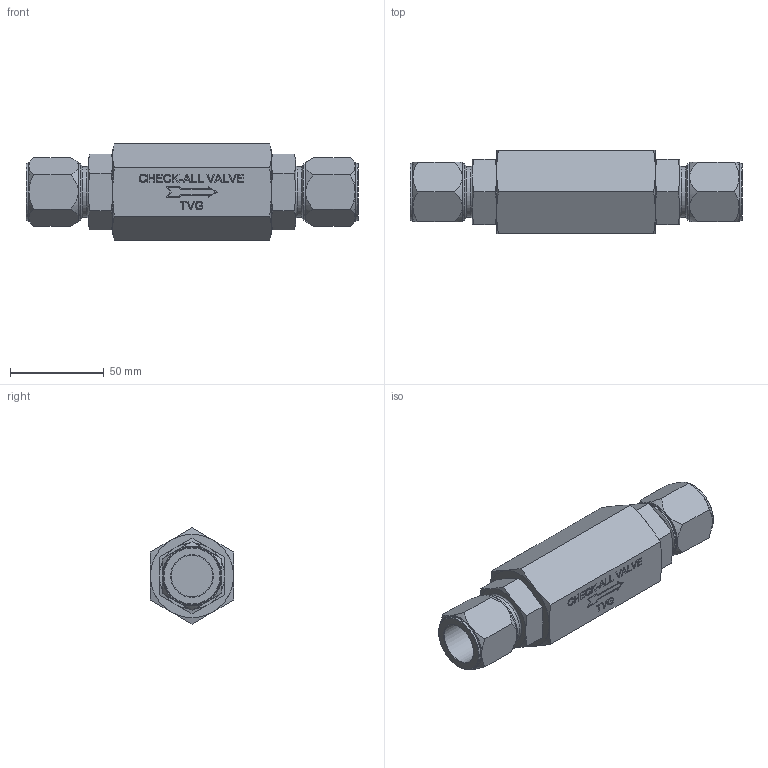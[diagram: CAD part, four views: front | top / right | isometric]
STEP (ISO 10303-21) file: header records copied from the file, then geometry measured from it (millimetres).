
FILE_DESCRIPTION( ( 'Unknown' ), '1' );
FILE_NAME( 'Y:/ENGR/3D Solid Edge Models/TV/stp/TVG.stp', 'Unknown', ( 'Unknown' ), ( 'Unknown' ), 'PSStep 16.0.42', 'Unknown', ' ' );
FILE_SCHEMA( ( 'AUTOMOTIVE_DESIGN { 1 0 10303 214 1 1 1 1 }' ) );
Length unit declared in the file: millimetre
Products named in the file (1): 5030c (Nut)
Bounding box: 177.27 x 44.45 x 51.33 mm (x, y, z)
Volume: 207361.1 mm3; surface area: 31091 mm2
Topology: 1 solids, 1 shells, 431 faces, 1103 edges, 645 vertices
Faces by surface type: extrusion 137, plane 87, cone 62, bspline 60, torus 53, cylinder 32
Full cylindrical faces by diameter (mm): 22.225 x2, 27.178 x2, 30.163 x2, 30.48 x2
Entity records: 20473 total; most frequent: CARTESIAN_POINT 8045, ORIENTED_EDGE 2028, DIRECTION 1409, EDGE_CURVE 1014, VERTEX_POINT 637, B_SPLINE_CURVE_WITH_KNOTS 570, VECTOR 497, EDGE_LOOP 483
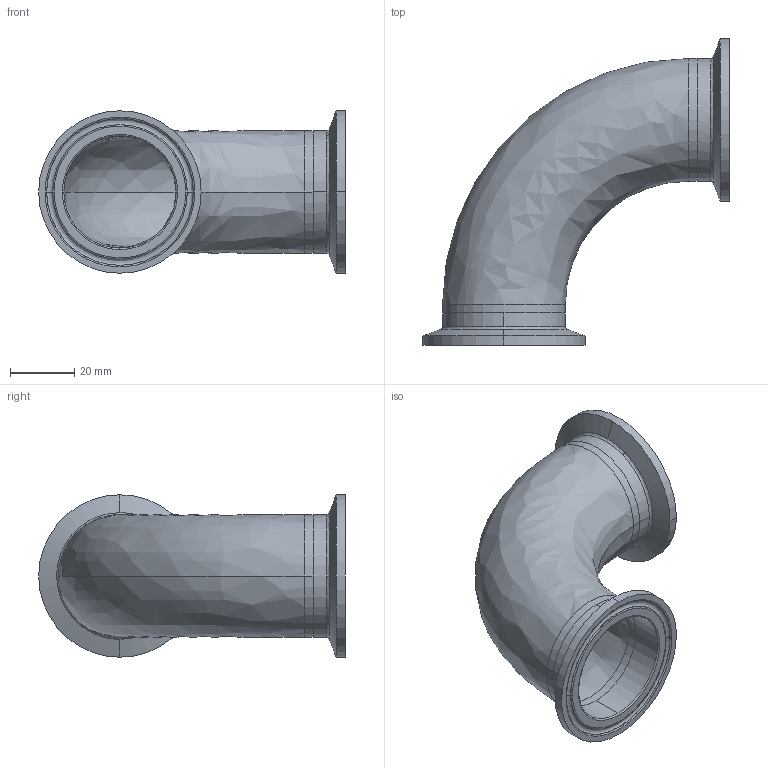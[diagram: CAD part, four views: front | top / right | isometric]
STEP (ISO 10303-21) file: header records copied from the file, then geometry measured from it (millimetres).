
FILE_DESCRIPTION (( 'STEP AP214' ), '1' );
FILE_NAME ('TEG2C6L1.5-...STEP', '2016-05-22T10:41:37', ( 'eran' ), ( '' ), 'SwSTEP 2.0', 'SolidWorks 2016', '' );
FILE_SCHEMA (( 'AUTOMOTIVE_DESIGN' ));
Length unit declared in the file: millimetre
Products named in the file (1): TEG2C6L1.5-..
Bounding box: 95.1 x 95.1 x 50.39 mm (x, y, z)
Volume: 28114.2 mm3; surface area: 30815.9 mm2
Topology: 3 solids, 3 shells, 64 faces, 158 edges, 102 vertices
Faces by surface type: bspline 24, cylinder 20, cone 12, plane 8
Entity records: 3306 total; most frequent: CARTESIAN_POINT 1733, DIRECTION 342, ORIENTED_EDGE 316, EDGE_CURVE 158, AXIS2_PLACEMENT_3D 155, CIRCLE 114, VERTEX_POINT 102, EDGE_LOOP 72
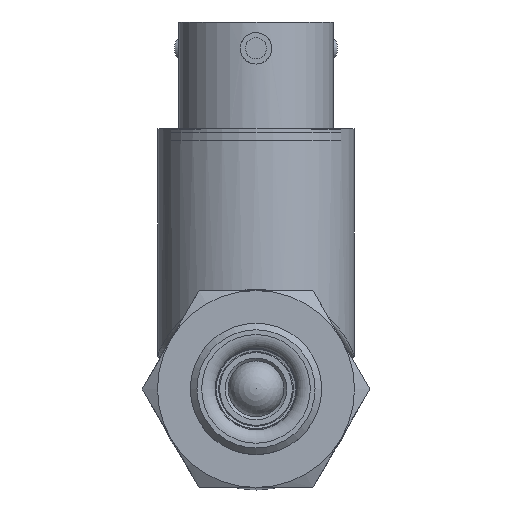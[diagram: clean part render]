
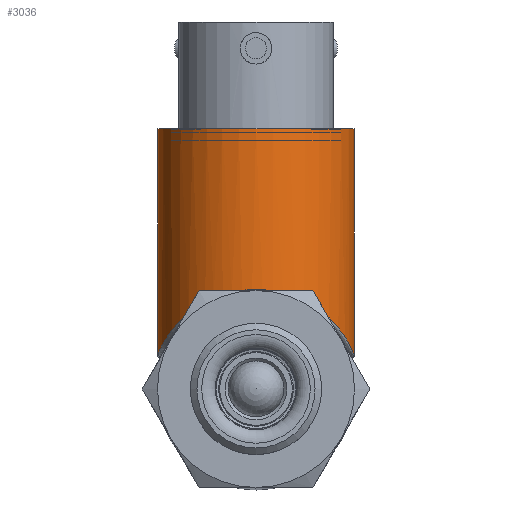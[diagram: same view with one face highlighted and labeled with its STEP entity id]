
A CAD part, top view. The second image highlights one B-rep face of the part: STEP entity #3036.
In plain terms, the highlighted cylindrical face has radius 9.525 mm (diameter 19.05 mm), a full revolution.
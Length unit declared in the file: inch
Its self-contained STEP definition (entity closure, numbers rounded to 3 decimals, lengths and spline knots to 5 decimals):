
#82=B_SPLINE_CURVE_WITH_KNOTS('',3,(#5365,#5366,#5367,#5368,#5369,#5370,
#5371,#5372,#5373,#5374,#5375,#5376,#5377,#5378,#5379,#5380,#5381,#5382,
#5383,#5384,#5385,#5386,#5387,#5388,#5389,#5390,#5391,#5392,#5393,#5394),
 .UNSPECIFIED.,.F.,.F.,(4,1,1,1,1,1,1,1,1,1,1,1,1,1,1,1,1,1,1,1,1,1,1,1,
1,1,1,4),(-9.63704,-9.40762,-9.17816,-8.71925,
-8.41331,-8.26035,-8.10738,-8.03089,
-7.95441,-7.80144,-7.4955,-7.18956,
-6.88362,-6.57768,-6.27174,-5.9658,
-5.65987,-5.35393,-5.04799,-4.93326,
-4.81853,-4.70381,-4.58908,-4.47435,
-4.35963,-4.13017,-3.67126,-3.21236),
 .UNSPECIFIED.);
#326=FACE_OUTER_BOUND('',#540,.T.);
#540=EDGE_LOOP('',(#2036,#2037,#2038,#2039));
#786=LINE('',#5429,#925);
#925=VECTOR('',#3898,0.375);
#1070=CIRCLE('',#3422,0.375);
#1291=VERTEX_POINT('',#5364);
#1293=VERTEX_POINT('',#5428);
#1574=EDGE_CURVE('',#1291,#1291,#82,.T.);
#1577=EDGE_CURVE('',#1293,#1291,#786,.T.);
#1578=EDGE_CURVE('',#1293,#1293,#1070,.T.);
#2036=ORIENTED_EDGE('',*,*,#1574,.F.);
#2037=ORIENTED_EDGE('',*,*,#1577,.F.);
#2038=ORIENTED_EDGE('',*,*,#1578,.F.);
#2039=ORIENTED_EDGE('',*,*,#1577,.T.);
#2748=CYLINDRICAL_SURFACE('',#3421,0.375);
#3036=ADVANCED_FACE('',(#326),#2748,.T.);
#3421=AXIS2_PLACEMENT_3D('',#5427,#3896,#3897);
#3422=AXIS2_PLACEMENT_3D('',#5430,#3899,#3900);
#3896=DIRECTION('center_axis',(0.,1.,0.));
#3897=DIRECTION('ref_axis',(0.,0.,
1.));
#3898=DIRECTION('',(0.,-1.,0.));
#3899=DIRECTION('center_axis',(0.,1.,0.));
#3900=DIRECTION('ref_axis',(0.,0.,
1.));
#5364=CARTESIAN_POINT('',(0.,0.3875,-2.));
#5365=CARTESIAN_POINT('Ctrl Pts',(0.,0.3875,
-2.));
#5366=CARTESIAN_POINT('Ctrl Pts',(0.03115,0.3875,
-2.));
#5367=CARTESIAN_POINT('Ctrl Pts',(0.09334,0.38035,
-1.99211));
#5368=CARTESIAN_POINT('Ctrl Pts',(0.20458,0.34113,-1.94847));
#5369=CARTESIAN_POINT('Ctrl Pts',(0.29317,0.27243,-1.87028));
#5370=CARTESIAN_POINT('Ctrl Pts',(0.34371,0.20219,-1.78173));
#5371=CARTESIAN_POINT('Ctrl Pts',(0.36561,0.15993,-1.71433));
#5372=CARTESIAN_POINT('Ctrl Pts',(0.37367,0.14039,-1.66655));
#5373=CARTESIAN_POINT('Ctrl Pts',(0.37544,0.13578,-1.625));
#5374=CARTESIAN_POINT('Ctrl Pts',(0.37368,0.14035,-1.5834));
#5375=CARTESIAN_POINT('Ctrl Pts',(0.36229,0.16811,-1.51674));
#5376=CARTESIAN_POINT('Ctrl Pts',(0.32975,0.22594,-1.43718));
#5377=CARTESIAN_POINT('Ctrl Pts',(0.26716,0.29417,-1.35484));
#5378=CARTESIAN_POINT('Ctrl Pts',(0.17871,0.35264,-1.28868));
#5379=CARTESIAN_POINT('Ctrl Pts',(0.06402,0.38891,
-1.24841));
#5380=CARTESIAN_POINT('Ctrl Pts',(-0.06405,0.389,
-1.24833));
#5381=CARTESIAN_POINT('Ctrl Pts',(-0.17868,0.35262,
-1.28869));
#5382=CARTESIAN_POINT('Ctrl Pts',(-0.26715,0.29418,
-1.35483));
#5383=CARTESIAN_POINT('Ctrl Pts',(-0.32978,0.22584,
-1.43715));
#5384=CARTESIAN_POINT('Ctrl Pts',(-0.36065,0.17106,
-1.5129));
#5385=CARTESIAN_POINT('Ctrl Pts',(-0.37301,0.14215,
-1.57838));
#5386=CARTESIAN_POINT('Ctrl Pts',(-0.376,0.1343,
-1.62507));
#5387=CARTESIAN_POINT('Ctrl Pts',(-0.37299,0.1422,
-1.67162));
#5388=CARTESIAN_POINT('Ctrl Pts',(-0.36509,0.1606,
-1.71384));
#5389=CARTESIAN_POINT('Ctrl Pts',(-0.35344,0.1835,-1.75235));
#5390=CARTESIAN_POINT('Ctrl Pts',(-0.3333,0.21697,
-1.80024));
#5391=CARTESIAN_POINT('Ctrl Pts',(-0.28626,0.27745,
-1.87619));
#5392=CARTESIAN_POINT('Ctrl Pts',(-0.18459,0.35739,
-1.96681));
#5393=CARTESIAN_POINT('Ctrl Pts',(-0.06231,0.3875,
-2.));
#5394=CARTESIAN_POINT('Ctrl Pts',(-0.00001,0.3875,
-2.));
#5427=CARTESIAN_POINT('Origin',(0.,0.5,
-1.625));
#5428=CARTESIAN_POINT('',(0.,1.,-2.));
#5429=CARTESIAN_POINT('',(0.,0.5,-2.));
#5430=CARTESIAN_POINT('Origin',(0.,1.,-1.625));

▶ **Action item**: All that is wanted is the set of lines from the one with "-1.80024));" through the last line of the entries, both included, output exactly.

▶ **Response below**:
-1.80024));
#5391=CARTESIAN_POINT('Ctrl Pts',(-0.28626,0.27745,
-1.87619));
#5392=CARTESIAN_POINT('Ctrl Pts',(-0.18459,0.35739,
-1.96681));
#5393=CARTESIAN_POINT('Ctrl Pts',(-0.06231,0.3875,
-2.));
#5394=CARTESIAN_POINT('Ctrl Pts',(-0.00001,0.3875,
-2.));
#5427=CARTESIAN_POINT('Origin',(0.,0.5,
-1.625));
#5428=CARTESIAN_POINT('',(0.,1.,-2.));
#5429=CARTESIAN_POINT('',(0.,0.5,-2.));
#5430=CARTESIAN_POINT('Origin',(0.,1.,-1.625));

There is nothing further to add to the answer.